The preferred alternative includes a half-mile-long east-bound only bus lane from Wheeler Avenue Lane to Roth Street to enable people riding buses to avoid some of the congestion that makes bus travel times less reliable. To address cut-through traffic in neighborhoods and mitigate congestion, city staff also conducted successful pilot projects and engaged residents in separate Duke Street Traffic Mitigation and Duke Street/West Taylor Run projects.
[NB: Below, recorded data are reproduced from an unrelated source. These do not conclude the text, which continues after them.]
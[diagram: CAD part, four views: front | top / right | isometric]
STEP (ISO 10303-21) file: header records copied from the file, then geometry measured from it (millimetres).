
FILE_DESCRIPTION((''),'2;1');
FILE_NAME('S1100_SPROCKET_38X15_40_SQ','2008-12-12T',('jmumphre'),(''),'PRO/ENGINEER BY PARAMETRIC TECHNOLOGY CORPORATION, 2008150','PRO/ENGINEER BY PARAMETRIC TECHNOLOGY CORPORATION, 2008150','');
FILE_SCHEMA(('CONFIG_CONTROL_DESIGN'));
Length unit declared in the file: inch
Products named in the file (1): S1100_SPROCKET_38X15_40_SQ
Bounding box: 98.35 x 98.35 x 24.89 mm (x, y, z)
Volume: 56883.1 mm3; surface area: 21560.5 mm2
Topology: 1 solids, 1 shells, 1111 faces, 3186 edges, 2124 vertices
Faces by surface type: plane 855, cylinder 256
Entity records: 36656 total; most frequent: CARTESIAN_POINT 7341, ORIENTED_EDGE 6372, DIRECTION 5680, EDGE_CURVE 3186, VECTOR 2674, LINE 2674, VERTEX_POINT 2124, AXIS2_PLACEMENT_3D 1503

To appreciate the importance of improving transit on Duke Street, one might consider current bus ridership and already-approved development plans: Weekday bus ridership in the Duke Street corridor is steadily increasing and now exceeds pre-pandemic levels. It is the second highest bus ridership corridor in Alexandria. Mixed-use development of the former Landmark Mall is expected to deliver about 1,000 new residential units in 2026 and 2,500 units at full build-out; the new Inova Alexandria Hospital is expected to open in 2028 with about 2,000 employees. Improved transit on Duke Street is needed to serve existing and future residents and commuters.

Here in Alexandria, improved transit on Duke Street has been our shared goal since 2008, when Council approved a Transportation Master Plan to transform this section of Duke Street into one of three high-capacity transit corridors in the city. Subsequent City Councils approved a 2012 Transitway Feasibility Study, 2016 and 2019 grant applications for design and construction funding and a 2021 community-driven Alexandria Mobility Plan, that includes a strategy to “Build out the city’s priority transitway corridors and identify improvements on congested, high-ridership corridors.”

The Advisory Group’s recommended preferred near-term alternative is not the most aggressive bus-transit configuration, but one that considered resident input and balanced tradeoffs consistent with our city’s vision to provide “Safe, seamless, and connected mobility options foster a thriving Alexandria for all.”